E. coli DH5α cultures expressing recombinant dioxygenase enzymes from plasmids pDTG850, pKSJ4, pKSJ10, pKSJ12, pKSJ19, pKSJ21, pKSJ23 or pKSJ25 (Table 3) were cultured aerobically in modified MSB medium containing 10 mM glucose, 1 mM thiamine and 200 µg ml−1 ampicillin as previously described (Ju and Parales, 2006). Each culture was harvested by centrifugation during exponential growth (OD660 0.8–1.0), resuspended in 50 ml of 40 mM phosphate buffer (pH 7.3) containing 20 mM glucose and 25 ml volumes were dispensed into 125 ml Erlenmeyer flasks. Reaction mixtures were incubated with 0.1% (wt/vol) of 2-, 3- or 4CNB on a rotary shaker at 30°C and 200 r.p.m. After 6 h, nitrite was analysed (Smibert and Krieg, 1981; Ju and Parales, 2006) from clarified supernatants and then the supernatants were extracted with 3 vols of sodium hydroxide-washed ethyl acetate. Samples were dried over anhydrous sodium sulfate and concentrated by rotary evaporation. Products were transferred into 1-dram glass screw-cap vials, evaporated to dryness, dissolved in 0.5 ml of acetorititrile and analysed by thin-layer chromatography and GC-MS as described previously (Resnick et al., 1994; Ju and Parales, 2006). The GC-MS parameters used allowed the separation and detection of catechols, substituted catechols, phenols and single-ring cis-dihydrodiols. All products were identified by comparison with chemical standards.

Enzyme assays

Nitroarene dioxygenase activity with 2-, 3- and 4CNB was analysed in Ralstonia sp. JS705 carrying cloned NBDO genes. Strains were grown in 125 ml Erlenmeyer flasks containing 25 ml MSB with 10 mM succinate and kanamycin at 30°C and 200 r.p.m. At an OD660 between 0.8–0.9, 2 ml volumes of each culture were dispensed into glass culture tubes (20 mm × 150 mm), supplied with 1 mM substrate, and incubated at 30°C on a rotary shaker at 300 r.p.m. Nitrite released during the initial 30 min was quantified from culture supernatants as previously described (Smibert and Krieg, 1981; Ju and Parales, 2006). Concentrations of total cellular proteins were determined by the method of Bradford (Bradford, 1976) from cell pellets resuspended in 100 mM NaOH and boiled for 10 min, with bovine serum albumin as the standard.

Growth assays

Ralstonia sp. JS705 strains carrying pBBR1MCS2, pKSJ99 or pKSJ114 were tested for growth on 2CNB, 3CNB, 4CNB and 4-chlorocatechol in liquid culture. Dioxygenase genes were expressed from the lac promoter of the vector without the need for induction. Strains were grown in 250 ml Fernbach flasks containing 50 ml of MSB, 50 µg ml−1 kanamycin and 100 mg of XAD-7 beads (Sigma Chemical Co., St Louis, MO) to provide a gradual release of the CNBs or 4-chlorocatechol and minimize their toxicity as previously described for dinitrotoluenes (Nishino et al., 1999; 2000). The CNBs and 4-chlorocatechol were added to a final concentration of 3 mM from methanolic stock solutions to flasks containing sterilized resin and the solvent was evaporated before the addition of sterile culture medium. Growth on CNBs as nitrogen sources was tested in the same fashion except ammonium sulfate was excluded from MSB and 10 mM succinate was added as the carbon source. Flasks were inoculated with overnight cultures of Ralstonia strains that had been grown in the same medium, and then incubated on a rotary shaker at 28–30°C and 200 r.p.m. Culture turbidity and nitrite formation were monitored over time (as in enzyme assays).

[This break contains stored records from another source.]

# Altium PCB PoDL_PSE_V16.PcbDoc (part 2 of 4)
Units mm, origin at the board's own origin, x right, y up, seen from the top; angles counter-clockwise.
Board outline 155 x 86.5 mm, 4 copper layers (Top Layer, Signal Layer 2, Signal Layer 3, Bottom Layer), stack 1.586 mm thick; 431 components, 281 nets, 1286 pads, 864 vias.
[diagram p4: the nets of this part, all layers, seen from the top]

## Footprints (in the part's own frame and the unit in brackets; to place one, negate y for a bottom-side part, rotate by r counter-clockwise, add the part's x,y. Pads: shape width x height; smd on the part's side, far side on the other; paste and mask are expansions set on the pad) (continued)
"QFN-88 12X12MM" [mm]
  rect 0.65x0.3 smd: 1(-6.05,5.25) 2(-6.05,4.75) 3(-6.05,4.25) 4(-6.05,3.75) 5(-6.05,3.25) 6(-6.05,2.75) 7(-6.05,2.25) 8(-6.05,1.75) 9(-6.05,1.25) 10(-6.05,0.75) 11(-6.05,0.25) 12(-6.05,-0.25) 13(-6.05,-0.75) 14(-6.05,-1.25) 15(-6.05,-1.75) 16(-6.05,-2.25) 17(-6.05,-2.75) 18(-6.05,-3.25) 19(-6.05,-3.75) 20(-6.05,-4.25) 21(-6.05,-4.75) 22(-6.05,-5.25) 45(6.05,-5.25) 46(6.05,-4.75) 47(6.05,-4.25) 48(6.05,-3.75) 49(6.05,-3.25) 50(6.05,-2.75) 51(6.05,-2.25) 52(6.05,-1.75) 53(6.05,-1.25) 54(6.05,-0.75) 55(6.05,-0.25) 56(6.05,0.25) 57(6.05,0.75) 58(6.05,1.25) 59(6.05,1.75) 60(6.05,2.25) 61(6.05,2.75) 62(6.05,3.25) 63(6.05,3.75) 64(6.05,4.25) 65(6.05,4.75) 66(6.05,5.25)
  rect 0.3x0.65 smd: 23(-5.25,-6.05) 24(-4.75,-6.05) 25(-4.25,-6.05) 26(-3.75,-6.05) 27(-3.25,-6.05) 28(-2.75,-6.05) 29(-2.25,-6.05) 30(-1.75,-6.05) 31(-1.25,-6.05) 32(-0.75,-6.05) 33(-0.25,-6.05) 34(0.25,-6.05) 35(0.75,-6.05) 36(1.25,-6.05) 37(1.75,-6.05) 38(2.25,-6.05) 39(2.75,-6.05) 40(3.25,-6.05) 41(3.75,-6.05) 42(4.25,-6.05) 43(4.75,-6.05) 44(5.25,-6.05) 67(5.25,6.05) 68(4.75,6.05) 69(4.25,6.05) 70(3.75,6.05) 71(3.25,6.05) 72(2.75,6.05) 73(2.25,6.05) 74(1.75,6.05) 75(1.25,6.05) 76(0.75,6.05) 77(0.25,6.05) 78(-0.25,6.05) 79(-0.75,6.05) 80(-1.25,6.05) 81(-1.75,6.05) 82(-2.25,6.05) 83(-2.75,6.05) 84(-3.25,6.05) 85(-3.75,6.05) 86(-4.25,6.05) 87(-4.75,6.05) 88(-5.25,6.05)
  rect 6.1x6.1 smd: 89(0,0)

This work was supported by grants awarded to R.E.P. from the U.S. Department of Defense Strategic Environmental Research and Development Program (SERDP CU1212) and the National Science Foundation (MCB 02627248). K.-S.J. was supported by an NIH Traineeship in Molecular and Cellular Biology (NIH TM32 GM070377) and a University of California Toxic Substances Research and Teaching Program graduate fellowship.